QuantumChemist wrote:
IsabellaLinton wrote:
MrsPeel wrote:
When you read up about autistic savants, there is often an element of synaesthesia involved. For instance, I read "Born on a Blue Day" by Daniel Tammet and it's clear he has strong synaesthesia in the way he visualises numbers. Also, when they studied the brain of Albert Einstein they discovered some unusual wiring, with the numbers part of the brain connected to the visual processing part, which suggests synaesthesia also.

So I don't believe true savant abilities are very common, even amongst autistics, because not many of us experience synaesthesia.

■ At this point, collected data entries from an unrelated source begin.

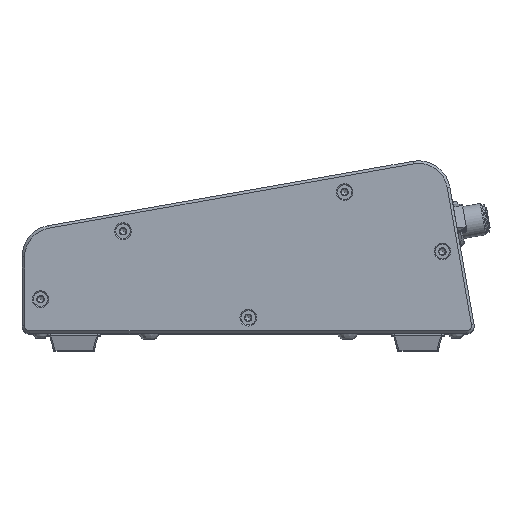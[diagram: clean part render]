
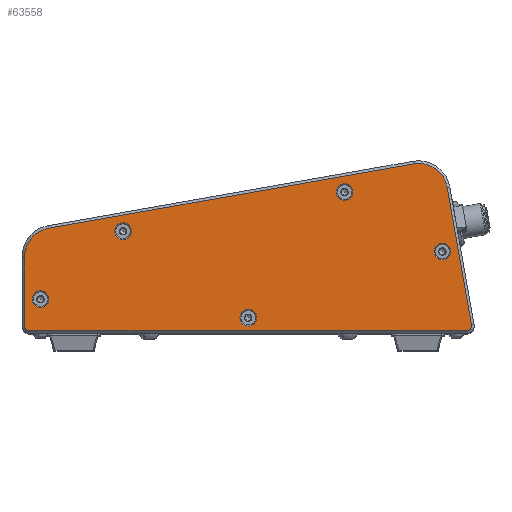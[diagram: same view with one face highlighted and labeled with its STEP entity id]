
A CAD part, top view. The second image highlights one B-rep face of the part: STEP entity #63558.
In plain terms, the highlighted planar face has unit normal (0, 0, 1).
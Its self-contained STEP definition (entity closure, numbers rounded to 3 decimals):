
#195 = CIRCLE ( 'NONE', #79869, 2. ) ;
#673 = DIRECTION ( 'NONE',  ( 1., 0., 0. ) ) ;
#1361 = EDGE_CURVE ( 'NONE', #30354, #17559, #29497, .T. ) ;
#3502 = DIRECTION ( 'NONE',  ( 0., -1., 0. ) ) ;
#6584 = VERTEX_POINT ( 'NONE', #113415 ) ;
#8706 = EDGE_CURVE ( 'NONE', #89254, #26359, #27524, .T. ) ;
#10941 = CARTESIAN_POINT ( 'NONE',  ( -40.986, 6.879, 82. ) ) ;
#13749 = FACE_BOUND ( 'NONE', #21458, .T. ) ;
#14460 = VECTOR ( 'NONE', #3502, 1000. ) ;
#14682 = CIRCLE ( 'NONE', #88822, 11. ) ;
#15458 = DIRECTION ( 'NONE',  ( 1., 0., 0. ) ) ;
#16059 = ORIENTED_EDGE ( 'NONE', *, *, #111317, .F. ) ;
#16512 = CARTESIAN_POINT ( 'NONE',  ( 88.683, -30.82, 82. ) ) ;
#17512 = CARTESIAN_POINT ( 'NONE',  ( -67.2, -2.82, 82. ) ) ;
#17559 = VERTEX_POINT ( 'NONE', #100191 ) ;
#18199 = DIRECTION ( 'NONE',  ( 1., 0., 0. ) ) ;
#18323 = EDGE_LOOP ( 'NONE', ( #101844 ) ) ;
#19669 = CARTESIAN_POINT ( 'NONE',  ( -78.2, -4.712, 82. ) ) ;
#20789 = VERTEX_POINT ( 'NONE', #114835 ) ;
#21104 = ORIENTED_EDGE ( 'NONE', *, *, #32463, .T. ) ;
#21238 = AXIS2_PLACEMENT_3D ( 'NONE', #50853, #33348, #93824 ) ;
#21458 = EDGE_LOOP ( 'NONE', ( #80671 ) ) ;
#23505 = DIRECTION ( 'NONE',  ( 0., 0., 1. ) ) ;
#24389 = DIRECTION ( 'NONE',  ( 1., 0., 0. ) ) ;
#25064 = ORIENTED_EDGE ( 'NONE', *, *, #93704, .T. ) ;
#25535 = CARTESIAN_POINT ( 'NONE',  ( 42.723, 21.639, 82. ) ) ;
#25818 = CARTESIAN_POINT ( 'NONE',  ( 81.506, 23.401, 82. ) ) ;
#26359 = VERTEX_POINT ( 'NONE', #39120 ) ;
#26386 = CARTESIAN_POINT ( 'NONE',  ( -7.441, 18.887, 82. ) ) ;
#26849 = DIRECTION ( 'NONE',  ( 0., 0., 1. ) ) ;
#27524 = LINE ( 'NONE', #26386, #66820 ) ;
#27973 = EDGE_CURVE ( 'NONE', #45408, #89254, #83459, .T. ) ;
#28419 = CIRCLE ( 'NONE', #102594, 2. ) ;
#29022 = ORIENTED_EDGE ( 'NONE', *, *, #95475, .T. ) ;
#29497 = LINE ( 'NONE', #19669, #14460 ) ;
#30354 = VERTEX_POINT ( 'NONE', #82047 ) ;
#30463 = CARTESIAN_POINT ( 'NONE',  ( 83.757, 10.635, 82. ) ) ;
#32463 = EDGE_CURVE ( 'NONE', #17559, #20789, #195, .T. ) ;
#33246 = CIRCLE ( 'NONE', #105701, 3.15 ) ;
#33348 = DIRECTION ( 'NONE',  ( 0., 0., 1. ) ) ;
#33372 = FACE_BOUND ( 'NONE', #50124, .T. ) ;
#35960 = DIRECTION ( 'NONE',  ( 0., 0., 1. ) ) ;
#36345 = ORIENTED_EDGE ( 'NONE', *, *, #1361, .T. ) ;
#36927 = CARTESIAN_POINT ( 'NONE',  ( 68.763, 32.324, 82. ) ) ;
#39120 = CARTESIAN_POINT ( 'NONE',  ( -69.11, 8.013, 82. ) ) ;
#40214 = EDGE_CURVE ( 'NONE', #75034, #75034, #76656, .T. ) ;
#40968 = FACE_BOUND ( 'NONE', #18323, .T. ) ;
#44076 = EDGE_LOOP ( 'NONE', ( #80970 ) ) ;
#45408 = VERTEX_POINT ( 'NONE', #25818 ) ;
#46319 = DIRECTION ( 'NONE',  ( 1., 0., 0. ) ) ;
#46827 = AXIS2_PLACEMENT_3D ( 'NONE', #64342, #62628, #53364 ) ;
#49102 = CARTESIAN_POINT ( 'NONE',  ( 90.653, -28.473, 82. ) ) ;
#49309 = EDGE_CURVE ( 'NONE', #6584, #6584, #33246, .T. ) ;
#50124 = EDGE_LOOP ( 'NONE', ( #16059 ) ) ;
#50853 = CARTESIAN_POINT ( 'NONE',  ( 79.678, -0.784, 82. ) ) ;
#51641 = CARTESIAN_POINT ( 'NONE',  ( 82.828, -0.784, 82. ) ) ;
#52391 = DIRECTION ( 'NONE',  ( 1., 0., 0. ) ) ;
#53082 = VERTEX_POINT ( 'NONE', #69347 ) ;
#53151 = DIRECTION ( 'NONE',  ( -0.985, -0.174, 0. ) ) ;
#53364 = DIRECTION ( 'NONE',  ( 1., 0., 0. ) ) ;
#54450 = AXIS2_PLACEMENT_3D ( 'NONE', #68889, #111925, #67166 ) ;
#56328 = DIRECTION ( 'NONE',  ( 0., 0., 1. ) ) ;
#56683 = ORIENTED_EDGE ( 'NONE', *, *, #27973, .T. ) ;
#59507 = CARTESIAN_POINT ( 'NONE',  ( -69.05, -18.82, 82. ) ) ;
#62628 = DIRECTION ( 'NONE',  ( 0., 0., 1. ) ) ;
#63060 = VECTOR ( 'NONE', #74896, 1000. ) ;
#63528 = VECTOR ( 'NONE', #83333, 1000. ) ;
#63558 = ADVANCED_FACE ( 'NONE', ( #101995, #33372, #85089, #13749, #40968, #85683 ), #95024, .T. ) ;
#64342 = CARTESIAN_POINT ( 'NONE',  ( -72.2, -18.82, 82. ) ) ;
#64487 = LINE ( 'NONE', #99891, #63060 ) ;
#66740 = AXIS2_PLACEMENT_3D ( 'NONE', #109814, #56328, #108089 ) ;
#66820 = VECTOR ( 'NONE', #53151, 1000. ) ;
#67166 = DIRECTION ( 'NONE',  ( 1., 0., 0. ) ) ;
#68889 = CARTESIAN_POINT ( 'NONE',  ( 6.3, -25.82, 82. ) ) ;
#69347 = CARTESIAN_POINT ( 'NONE',  ( 45.873, 21.639, 82. ) ) ;
#69747 = DIRECTION ( 'NONE',  ( 0., 0., 1. ) ) ;
#73098 = EDGE_CURVE ( 'NONE', #87045, #87045, #95504, .T. ) ;
#74896 = DIRECTION ( 'NONE',  ( 1., 0., 0. ) ) ;
#75034 = VERTEX_POINT ( 'NONE', #100033 ) ;
#75590 = EDGE_LOOP ( 'NONE', ( #94869, #25064, #36345, #21104, #29022, #82827, #93127, #56683 ) ) ;
#76656 = CIRCLE ( 'NONE', #54450, 3.15 ) ;
#79869 = AXIS2_PLACEMENT_3D ( 'NONE', #80136, #35960, #673 ) ;
#80136 = CARTESIAN_POINT ( 'NONE',  ( -76.2, -28.82, 82. ) ) ;
#80671 = ORIENTED_EDGE ( 'NONE', *, *, #73098, .F. ) ;
#80970 = ORIENTED_EDGE ( 'NONE', *, *, #110553, .F. ) ;
#82047 = CARTESIAN_POINT ( 'NONE',  ( -78.2, -2.82, 82. ) ) ;
#82822 = DIRECTION ( 'NONE',  ( 0., 0., 1. ) ) ;
#82827 = ORIENTED_EDGE ( 'NONE', *, *, #100004, .T. ) ;
#83333 = DIRECTION ( 'NONE',  ( -0.174, 0.985, 0. ) ) ;
#83459 = CIRCLE ( 'NONE', #66740, 11. ) ;
#85089 = FACE_BOUND ( 'NONE', #44076, .T. ) ;
#85683 = FACE_OUTER_BOUND ( 'NONE', #75590, .T. ) ;
#85884 = CIRCLE ( 'NONE', #102675, 3.15 ) ;
#87045 = VERTEX_POINT ( 'NONE', #51641 ) ;
#88822 = AXIS2_PLACEMENT_3D ( 'NONE', #17512, #69747, #52391 ) ;
#89047 = CARTESIAN_POINT ( 'NONE',  ( 88.683, -28.82, 82. ) ) ;
#89254 = VERTEX_POINT ( 'NONE', #36927 ) ;
#90301 = VERTEX_POINT ( 'NONE', #16512 ) ;
#92087 = LINE ( 'NONE', #30463, #63528 ) ;
#93127 = ORIENTED_EDGE ( 'NONE', *, *, #98925, .T. ) ;
#93704 = EDGE_CURVE ( 'NONE', #26359, #30354, #14682, .T. ) ;
#93824 = DIRECTION ( 'NONE',  ( 1., 0., 0. ) ) ;
#94869 = ORIENTED_EDGE ( 'NONE', *, *, #8706, .T. ) ;
#95024 = PLANE ( 'NONE',  #101065 ) ;
#95475 = EDGE_CURVE ( 'NONE', #20789, #90301, #64487, .T. ) ;
#95504 = CIRCLE ( 'NONE', #21238, 3.15 ) ;
#97727 = EDGE_LOOP ( 'NONE', ( #100288 ) ) ;
#98925 = EDGE_CURVE ( 'NONE', #103788, #45408, #92087, .T. ) ;
#99891 = CARTESIAN_POINT ( 'NONE',  ( -3.28, -30.82, 82. ) ) ;
#100004 = EDGE_CURVE ( 'NONE', #90301, #103788, #28419, .T. ) ;
#100033 = CARTESIAN_POINT ( 'NONE',  ( 9.45, -25.82, 82. ) ) ;
#100191 = CARTESIAN_POINT ( 'NONE',  ( -78.2, -28.82, 82. ) ) ;
#100288 = ORIENTED_EDGE ( 'NONE', *, *, #49309, .F. ) ;
#101065 = AXIS2_PLACEMENT_3D ( 'NONE', #113066, #23505, #15458 ) ;
#101844 = ORIENTED_EDGE ( 'NONE', *, *, #40214, .F. ) ;
#101995 = FACE_BOUND ( 'NONE', #97727, .T. ) ;
#102594 = AXIS2_PLACEMENT_3D ( 'NONE', #89047, #26849, #18199 ) ;
#102675 = AXIS2_PLACEMENT_3D ( 'NONE', #25535, #112207, #24389 ) ;
#103788 = VERTEX_POINT ( 'NONE', #49102 ) ;
#104231 = VERTEX_POINT ( 'NONE', #59507 ) ;
#105701 = AXIS2_PLACEMENT_3D ( 'NONE', #10941, #82822, #46319 ) ;
#108089 = DIRECTION ( 'NONE',  ( 1., 0., 0. ) ) ;
#109814 = CARTESIAN_POINT ( 'NONE',  ( 70.673, 21.491, 82. ) ) ;
#110553 = EDGE_CURVE ( 'NONE', #104231, #104231, #113701, .T. ) ;
#111317 = EDGE_CURVE ( 'NONE', #53082, #53082, #85884, .T. ) ;
#111925 = DIRECTION ( 'NONE',  ( 0., 0., 1. ) ) ;
#112207 = DIRECTION ( 'NONE',  ( 0., 0., 1. ) ) ;
#113066 = CARTESIAN_POINT ( 'NONE',  ( -3.28, -4.712, 82. ) ) ;
#113415 = CARTESIAN_POINT ( 'NONE',  ( -37.836, 6.879, 82. ) ) ;
#113701 = CIRCLE ( 'NONE', #46827, 3.15 ) ;
#114835 = CARTESIAN_POINT ( 'NONE',  ( -76.2, -30.82, 82. ) ) ;

Ha! When I saw the thread title I thought "I'm not a savant in anything! Oh, wait -- I wonder if synaesthesia counts?!"

I have many forms of synaesthesia including coloured letters, words, and numbers, and spatial-shape-sound connections. I was able to learn multiplication, arithmetic, and algebra at a very early age because I could see colour patterns in the numbers and letters. I remember the birthdate and phone number of everyone I ever met in childhood because of the "colours". I was able to study and memorise vast amounts of information by placing it in various spots of my spatial / temporal memory (hard to explain). I use synaesthesia purposefully at times but it's always there involuntarily whether I'm consciously memorising or not. The connections I make from synaesthesia never change - so I can easily recall information years later just by flipping through my colour-spatial rolodex in my mind to trigger a memory.


Have you ever tried coding information using music songs before? Try it out sometime if you have not. You may have this ability. I got it to work on things that I want to lock away from active use. The songs become like a combination that I must hear in order to reach those thoughts/ideas.


I've never tried that purposefully but it sounds like something I'd be able to do. I associate certain colours with songs, to the extent that whenever an old favourite is playing my daughter asks me what colour it is. Everything by the Psychedelic Furs is pink but most bands have different colours per song. I also get sensations of weather or smells and scents related to music. It's common for me to associate humidity with some songs even though there's no obvious connection. I like the idea about coding more information into music so I'll have to try that. Normally I code things with visual imagery. For instance I picture specific places from my life in response to each thread on WP and those never vary.